Сентенции эти изрекались не неожиданно - их предваряли почти незаметные признаки, не укрывавшиеся, однако, от того, кто наблюдал за стариком вблизи. Казалось, словно бы этот потемневший идол начинал вдруг проявлять признаки жизни, выражавшиеся в еле заметном дрожании огромных рук и крупного носа. Вслед за афоризмом снова наступало торжественное молчание. Тем временем дон Амансио стал приподниматься, но Марсело удержал его. Надо приготовить мате, пояснил старик.
- Колено что-то не разгибается, - прибавил он, усаживаясь снова. Потом, экономно заваривая мате, сокрушался: - Вот так-то, Эдельмиро. Еще никогда я не бывал в таком положении.
После небольшой паузы он выразил удивление ценой, которую заплатили за участок земли в Пунта-дель-Индио. Кажется, какой-то Фишер. Ему сказал об этом турок Госен.
Дон Эдельмиро приподнял веки, вроде бы заинтересовался.
- Турок, что держит лавку в Магдалене.
Но это же голое ущелье. Хотят там насадить бог весть какие деревья, из-за границы привезенные. Славное дело, слышал он. Славное, что и говорить.
Глядя на улицу, дон Эдельмиро покачал головой.
Так прошли в молчании десять-пятнадцать минут, слышался только стук серебряных трубочек да посасывание мате.
- А помнишь, Эдельмиро, того молодчика - Хасинто Инсаурральде? - спросил, наконец, дон Амансио.
Дон Эдельмиро снова приоткрыл глаза.
- Ну да, как же! - настаивал дон Амансио. - Такой, помнишь, был франт.
Его друг закрыл глаза, возможно, рылся в своей памяти.
- Умирает от рака. Рак печени, хуже нет.
Дон Эдельмиро Лагос приоткрыл глаза, да так и застыл, то ли уже вспомнив Инсаурральде, то ли удивляясь. Однако по неподвижному пейзажу его лица определить это было невозможно. И все же, после минутного молчания, он изрек:
- Рак - это бич цивилизации.
Потом достал из кармана висевшие на золотой цепочке часы "лонжин" с тремя крышками, внимательно поглядел на циферблат, будто изучая сложный документ, изготовленный в его конторе, закрыл часы, осторожно сунул их обратно в карман и поднялся, собираясь уходить.
Смеркалось.
- Дедушка Амансио, - сказал внезапно Марсело, будто кто-то его подтолкнул.
- Да, мой мальчик.
Марсело почувствовал, как волна крови прихлынула к его лицу, и понял, что никогда не сумеет поговорить с дедом о пустующей комнатке в глубине квартиры.
Дон Амансио ждал, что он скажет, внимательно и удивленно - как если бы в засушливой местности выпало несколько капель дождя.

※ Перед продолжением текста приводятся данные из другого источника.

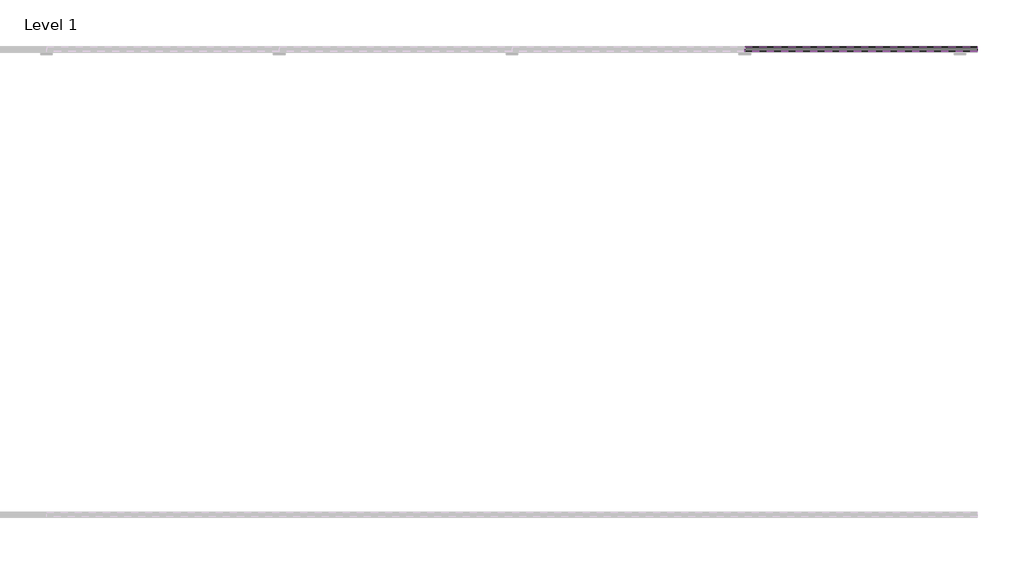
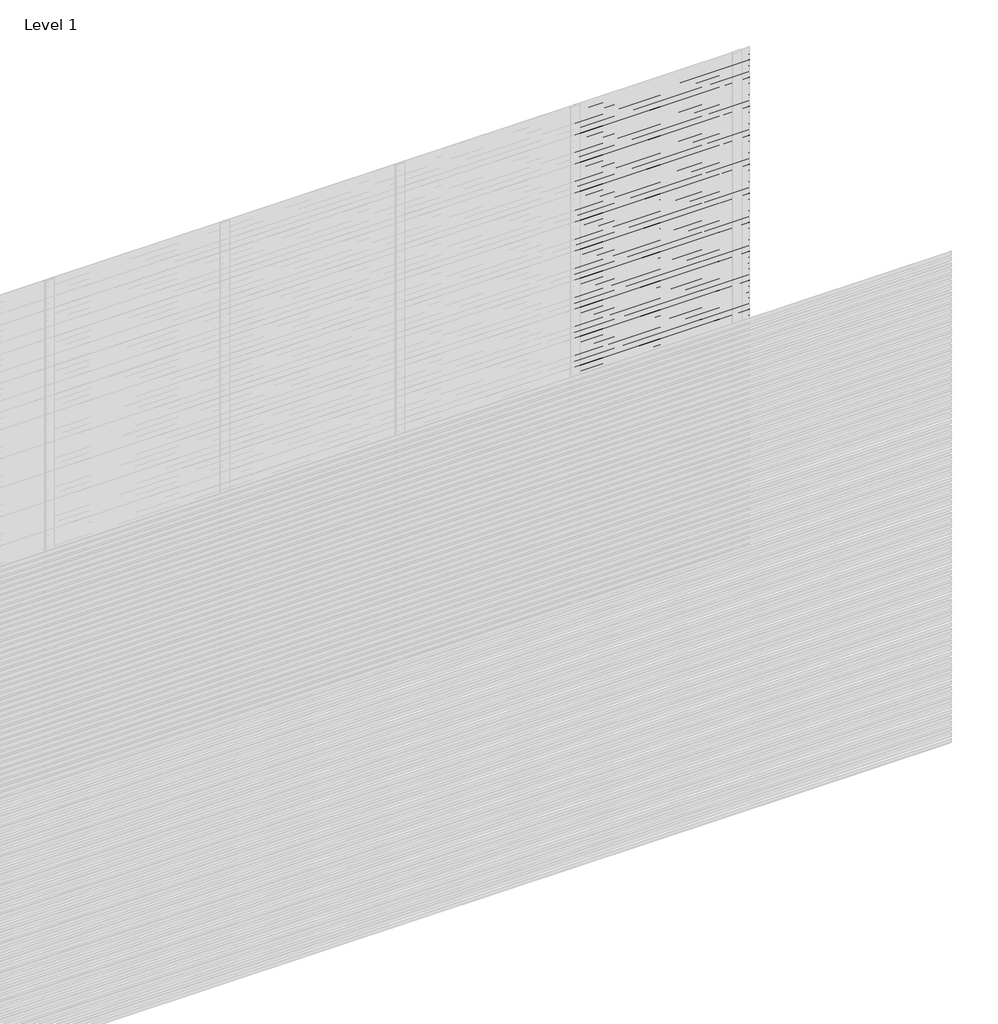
# One storey, part 25 of 25: 101 proxies.
"""IFC4 building model written with IfcOpenShell, lengths in millimetres."""

from ifc_helpers import new_model, si_unit, frame, origin, place, context, project, spatial, polyline, outline, extrude, element, save

model = new_model("IFC4")

# Units and contexts
model_context = context("Model", 3, world=origin())
ifc_project = project(units=[si_unit("LENGTHUNIT", "METRE", prefix="MILLI")], contexts=[model_context])

# Site, building, storey
site = spatial("IfcSite", under=ifc_project)
building = spatial("IfcBuilding", under=site)
storey = spatial("IfcBuildingStorey", under=building, Name="Level 1", Elevation=0.0)

# Proxies
placement = place(None, origin())
element("IfcBuildingElementProxy", 1, Name="Wall Sweeps", at=placement, inside=storey, context=model_context, shape_type="SweptSolid", body=[
    extrude(outline(polyline([(5.0, 560.0), (5.0, 548.942893), (24.0, 533.0), (24.0, 520.0), (3.0, 537.6210923), (3.0, 560.0), (5.0, 560.0)])), frame((4000.0, 0.0, 0.0), z_axis=(1.0, 0.0, 0.0), x_axis=(0.0, 1.0, 0.0)), (0.0, 0.0, 1.0), 1000.0),
])
element("IfcBuildingElementProxy", 2, Name="Wall Sweeps", at=placement, inside=storey, context=model_context, shape_type="SweptSolid", body=[
    extrude(outline(polyline([(5.0, 525.0), (5.0, 513.942893), (24.0, 498.0), (24.0, 485.0), (3.0, 502.6210923), (3.0, 525.0), (5.0, 525.0)])), frame((4000.0, 0.0, 0.0), z_axis=(1.0, 0.0, 0.0), x_axis=(0.0, 1.0, 0.0)), (0.0, 0.0, 1.0), 1000.0),
])
element("IfcBuildingElementProxy", 3, Name="Wall Sweeps", at=placement, inside=storey, context=model_context, shape_type="SweptSolid", body=[
    extrude(outline(polyline([(5.0, 490.0), (5.0, 478.942893), (24.0, 463.0), (24.0, 450.0), (3.0, 467.6210923), (3.0, 490.0), (5.0, 490.0)])), frame((4000.0, 0.0, 0.0), z_axis=(1.0, 0.0, 0.0), x_axis=(0.0, 1.0, 0.0)), (0.0, 0.0, 1.0), 1000.0),
])
element("IfcBuildingElementProxy", 4, Name="Wall Sweeps", at=placement, inside=storey, context=model_context, shape_type="SweptSolid", body=[
    extrude(outline(polyline([(5.0, 455.0), (5.0, 443.942893), (24.0, 428.0), (24.0, 415.0), (3.0, 432.6210923), (3.0, 455.0), (5.0, 455.0)])), frame((4000.0, 0.0, 0.0), z_axis=(1.0, 0.0, 0.0), x_axis=(0.0, 1.0, 0.0)), (0.0, 0.0, 1.0), 1000.0),
])
element("IfcBuildingElementProxy", 5, Name="Wall Sweeps", at=placement, inside=storey, context=model_context, shape_type="SweptSolid", body=[
    extrude(outline(polyline([(5.0, 420.0), (5.0, 408.942893), (24.0, 393.0), (24.0, 380.0), (3.0, 397.6210923), (3.0, 420.0), (5.0, 420.0)])), frame((4000.0, 0.0, 0.0), z_axis=(1.0, 0.0, 0.0), x_axis=(0.0, 1.0, 0.0)), (0.0, 0.0, 1.0), 1000.0),
])
element("IfcBuildingElementProxy", 6, Name="Wall Sweeps", at=placement, inside=storey, context=model_context, shape_type="SweptSolid", body=[
    extrude(outline(polyline([(5.0, 385.0), (5.0, 373.942893), (24.0, 358.0), (24.0, 345.0), (3.0, 362.6210923), (3.0, 385.0), (5.0, 385.0)])), frame((4000.0, 0.0, 0.0), z_axis=(1.0, 0.0, 0.0), x_axis=(0.0, 1.0, 0.0)), (0.0, 0.0, 1.0), 1000.0),
])
element("IfcBuildingElementProxy", 7, Name="Wall Sweeps", at=placement, inside=storey, context=model_context, shape_type="SweptSolid", body=[
    extrude(outline(polyline([(5.0, 350.0), (5.0, 338.942893), (24.0, 323.0), (24.0, 310.0), (3.0, 327.6210923), (3.0, 350.0), (5.0, 350.0)])), frame((4000.0, 0.0, 0.0), z_axis=(1.0, 0.0, 0.0), x_axis=(0.0, 1.0, 0.0)), (0.0, 0.0, 1.0), 1000.0),
])
element("IfcBuildingElementProxy", 8, Name="Wall Sweeps", at=placement, inside=storey, context=model_context, shape_type="SweptSolid", body=[
    extrude(outline(polyline([(5.0, 315.0), (5.0, 303.942893), (24.0, 288.0), (24.0, 275.0), (3.0, 292.6210923), (3.0, 315.0), (5.0, 315.0)])), frame((4000.0, 0.0, 0.0), z_axis=(1.0, 0.0, 0.0), x_axis=(0.0, 1.0, 0.0)), (0.0, 0.0, 1.0), 1000.0),
])
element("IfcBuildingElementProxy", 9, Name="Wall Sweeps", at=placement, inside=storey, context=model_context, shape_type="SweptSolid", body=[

- Нет… то есть… если будет заморозок, как вы говорите…
Старик с любопытством смотрел на него, машинально повторяя: "Да я же говорил, если стихнет памперо", - и думая: "Что это с Марселито".
А Марселито думал: "Славный дедушка Амансио - потертый сюртук, достойная, опрятная бедность, благородство обедневшего идальго, тактичность".
Из деликатности дон Амансио переменил тему и, указывая пальцем на газету "Ла Пренса", спросил, читал ли Марсело передовицу об атомной бомбе. Нет, не читал. "Вот наивный", - подумал с нежностью юноша. Все равно как если бы спросил, читал ли Марсело вчера речь Белисарио Рольдана. Старик сокрушенно покачал головой.
- Дело в том, как посмотреть… я хочу сказать, дедушка Амансио…
Старик с любопытством поглядел на него.
- То есть… возможно, когда-нибудь ее можно будет употребить на что-то полезное… - сделав усилие, объяснил Марсело.
- Полезное?
- Не знаю… то есть… например, в пустыне…
- В пустыне?
- Ну, то есть… чтобы изменить климат…
- И это будет хорошо, Марселито?
Юношу одолевал стыд, он терпеть не мог поучать, объяснять, производить впечатление знающего больше других. Это ему казалось нетактичным, особенно в отношении людей, вроде дона Амансио, такого беззащитного. Но не ответить нельзя.
- Я думаю… возможно… в странах, страдающих от голода… в тех местах, где не бывает дождей… на границе Эфиопии, кажется…
Дон Амансио посмотрел на газету, как будто в ней был скрыт ключ к этой важной проблеме.
- Конечно, я старый невежда, - признался он.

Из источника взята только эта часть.